What happens when the pre-filter triggers

  • NSFW classification is not performed; verdict is blockedMinor.
  • No image bytes, hash, or telemetry are sent to AntiNude for that scan — the event is dropped on-device.
  • Your app should treat the image as unprocessable: do not store, upload, share, or display it. Show the user a neutral “this image can’t be processed” message and offer an in-app appeal path if appropriate.
  • If your app independently classifies the image as CSAM (e.g. via PhotoDNA), follow your jurisdictional reporting obligations.
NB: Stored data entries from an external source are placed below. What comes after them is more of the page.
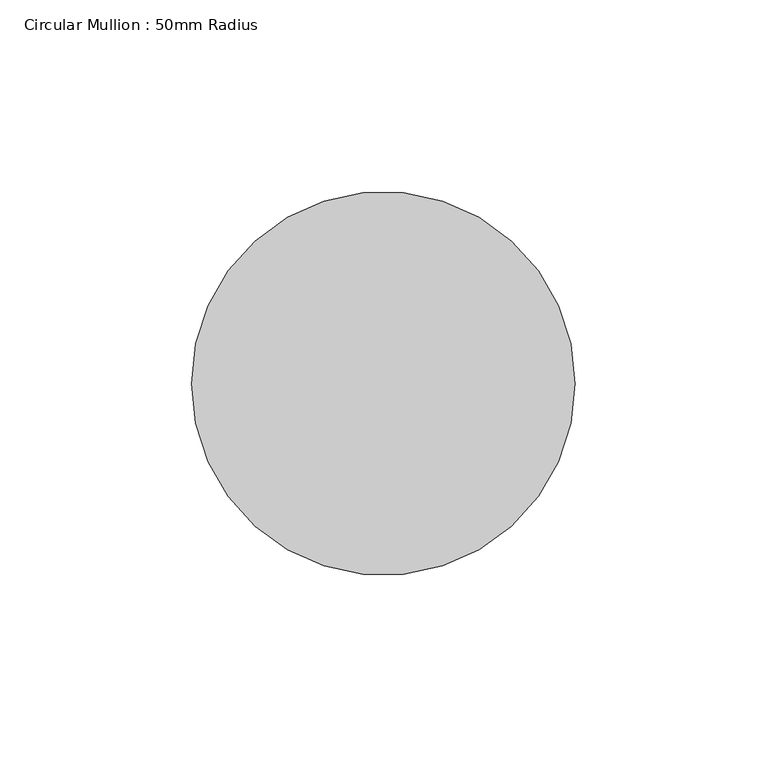
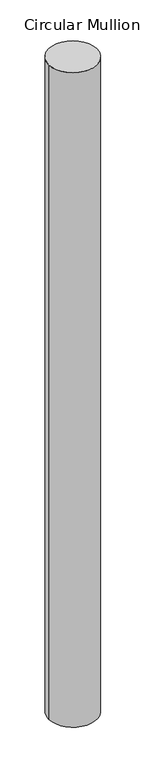
"""IFC4 building model written with IfcOpenShell, lengths in millimetres: member geometry, Circular Mullion : 50mm Radius."""

from ifc_helpers import new_model, si_unit, point, frame, origin, origin_2d, place, context, project, spatial, circle_curve, trimmed, segment, composite_curve, outline, extrude, source, transform, mapped, element, save


def circular_mullion_50mm_radius_01a66951(model_context):
    return source(origin(), model_context, "Body", "SweptSolid", [
        extrude(outline(composite_curve([segment(trimmed(circle_curve(origin_2d(), 50.0), [point((50.0, 0.0))], [point((-50.0, 0.0))], False, "CARTESIAN"), True, "CONTINUOUS"), segment(trimmed(circle_curve(origin_2d(), 50.0), [point((-50.0, 0.0))], [point((50.0, 0.0))], False, "CARTESIAN"), True, "CONTINUOUS")], self_intersect=False)), frame((0.0, 0.0, -1430.1071754), z_axis=(0.0, 0.0, 1.0), x_axis=(1.0, 0.0, 0.0)), (0.0, 0.0, 1.0), 1430.1071754),
    ])


if __name__ == "__main__":
    model = new_model("IFC4")
    model_context = context("Model", 3, world=origin())
    ifc_project = project(units=[si_unit("LENGTHUNIT", "METRE", prefix="MILLI")], contexts=[model_context])
    site = spatial("IfcSite", under=ifc_project)
    building = spatial("IfcBuilding", under=site)
    placement = place(None, origin())
    circular_mullion_50mm_radius_shape = circular_mullion_50mm_radius_01a66951(model_context)
    element("IfcMember", 1, ObjectType="Circular Mullion : 50mm Radius", at=placement, inside=building, context=model_context, shape_type="MappedRepresentation", body=[
        mapped(circular_mullion_50mm_radius_shape, transform((0.0, 0.0, 0.0), x_axis=(1.0, 0.0, 0.0), y_axis=(0.0, 1.0, 0.0), z_axis=(0.0, 0.0, 1.0))),
    ])
    save(model, "model.ifc")

# Revit data of these elements
# Type "Circular Mullion : 50mm Radius"
#   built-in parameter 1007350 = 0.164042 (stored number, unit not read)
# Element 1 (IfcMember, "Circular Mullion : 50mm Radius")
#   Materials on its faces: "Aluminium"
# Materials
#   "Aluminium": class "Metal", colour RGB 247 247 247, transparency 0, Description = "Aluminium 6061", Cost = 0

AntiNude’s NCMEC workflow described in Privacy §6 applies only when AntiNude itself classifies the image, which the pre-filter prevents.
§06Common review-board questions

“What third-party SDKs does your app contain and what do they collect?”

“The AntiNude SDK (antinude.io) classifies images for unsafe content on-device. It collects telemetry limited to verdict, category scores, image dimensions, a one-way SHA-256 hash, inference latency, OS / device class, SDK version, and a truncated request IP. It does not collect identifiers, location, contacts, advertising IDs, or image bytes. Open-source components and their licenses are listed at antinude.io/licenses.”

“Where is data processed and stored?”

“Image classification runs on the user’s device. The telemetry event is sent to AntiNude infrastructure in the United States or the European Union depending on the customer’s region selection. See antinude.io/privacy §7 for transfer mechanisms.”

“How can a user request deletion of their data?”

“Users can request deletion through the in-app account screen. Requests are forwarded to privacy@antinude.io and fulfilled within 30 days, per AntiNude’s data-subject-rights process.”
§07Submission checklist
  • Privacy Manifest (iOS) committed to repo and signed in TestFlight build.
  • Data Safety form (Play) updated and saved as draft before upload.
  • Privacy policy on your website references AntiNude as a subprocessor.
  • Age pre-filter set to .on or .strict in production builds; .off only with documented justification.
  • NOTICES.txt from the SDK bundle included in your “Open-source licenses” screen.
  • Support contact in App Store / Play listing reachable; in-app data-deletion flow tested end-to-end.
  • If using the Hosted Cloud API: declare image upload in both stores and update your privacy policy with §4.3.